Very good questions, and I actually do not have great answers yet.
The default value of 0.66 is just something I picked arbitrarily, I am actually not sure that the value shouldn’t just be 1 for most or all workloads. I have not done much experimentation around this.
The idea of leaving some page slack is that when you insert records into a page, if you overflow the page then you must split it. If there is some slack, then perhaps you can add the records, if they fit, and move on. A page split is expensive compared to adding some records to a page. The split involves reading all of the records in the page and then splitting them into 2 or more groups, building a new page for each group, and then adding child pointers to those new pages to their collective parent page. If this causes the parent page to overflow, then it too must be split, which can then cause its parent to overflow, and so on.

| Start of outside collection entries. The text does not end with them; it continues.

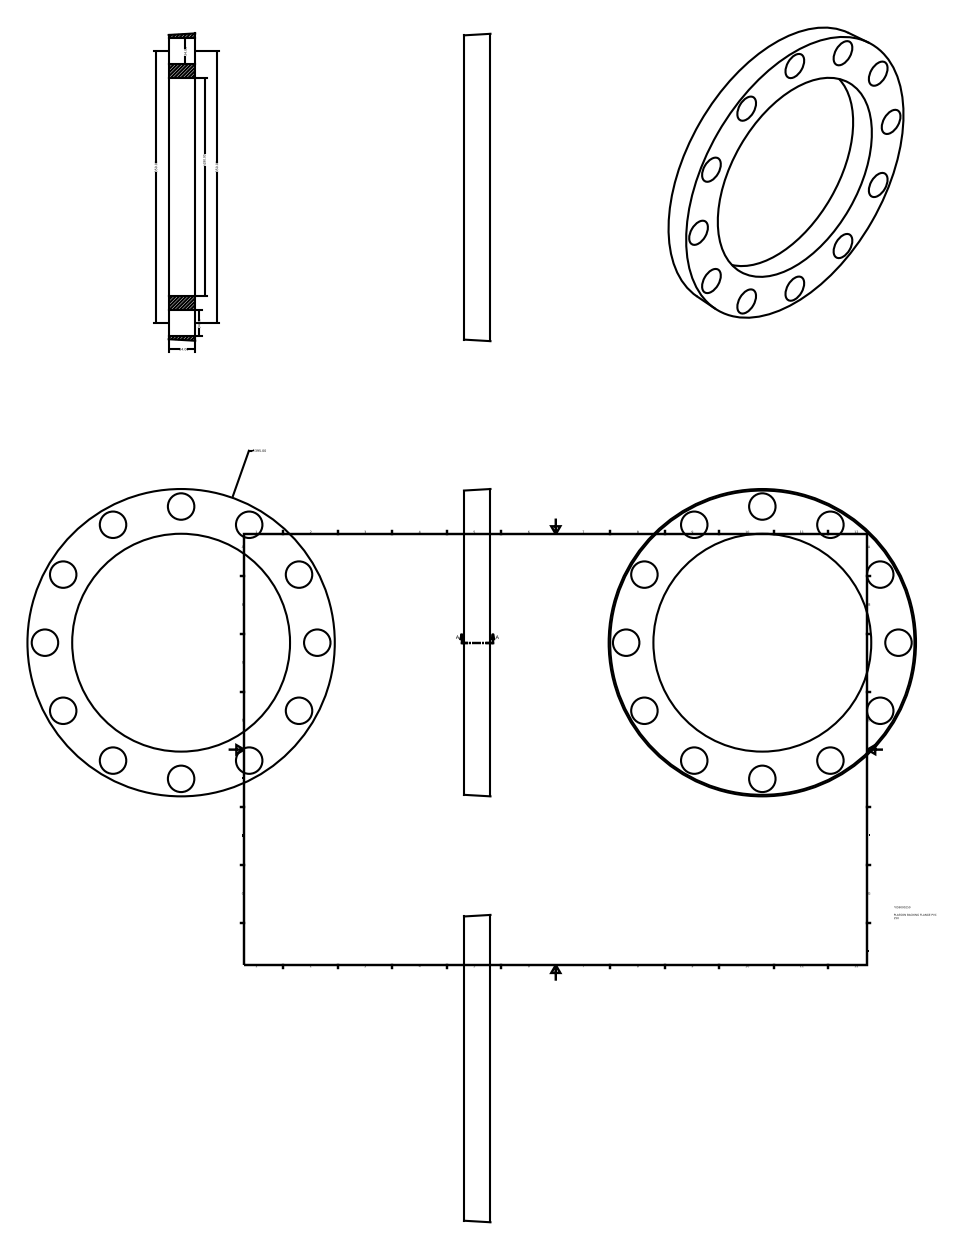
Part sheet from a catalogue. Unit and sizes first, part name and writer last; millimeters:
Units: millimetres
Overall size (bounding box): 395 × 395 × 34
Round holes (diameter × count): ⌀34 ×12, ⌀280 ×1
Main face-to-face distances: 34
Hole centre spacings: 175, 338.07, 90.59, 247.48, 303.11, 90.58, 247.49, 303.1
Volume: 1 661 000 mm³ · Surface area: 213 244 mm²
Bodies: 1 solid, 16 faces (2 planar, 13 cylindrical, 1 other)
Part name (STEP PRODUCT): (_AS)059000250
STEP written by: Autodesk Inventor 2015 (AUTOMOTIVE_DESIGN)

Depending on the workload, it could be beneficial to leave some slack in pages when so much data is inserted into a page that it must split into many pages. (Note that if the page is splitting into just two pages then each should be about half-full, but Redwood is not currently doing this yet). Then, the next several insertions into any of those pages will require a lot less work, but on the other hand if nothing is ever inserted into those pages then the space is just wasted.
You asked what data would be there - at the leaf level it would be more user records that belong within the page’s key boundaries, and at the internal levels of the tree it would be key boundaries used to make traversal decisions that point to new child pages added when their existing children are split.
I said “depending on the workload” above, but I am honestly not sure there is a workload which would see a long term benefit. There could possibly be an initial benefit when writing a lot of random KV pairs across most of the keyspace such that additional writes do fit within the page slack left behind, but then eventually the pages will fill up and need to be split anyway, so perhaps not filling them full initially is just delaying the inevitable?
Try values up to 0.99 for your workload (right now 1.0 will sometimes cause an error for complicated reasons) and look in the
RedwoodMetrics trace events. I expect that the higher the fill factor is, the higher the
L<number>PageBuild fields in the trace events will be. This means the workload is using more CPU, but for this additional CPU you get fewer IOPS (both write and read, because pages contain more data) and less disk space in used because there is less slack in the structure. If your storage processes are not CPU bound under load, then this extra CPU cost is probably worth it.
I should also point out that merging under-filled pages with their siblings is not yet written, so there are pathologically bad workloads that can cause a lot of BTree slack space. In many cases this would actually show up in the
RedwoodMetrics trace events, where the
L<number>ModAvgFillPct percentages will be low. An average under 50 suggests there is too much slack in the tree.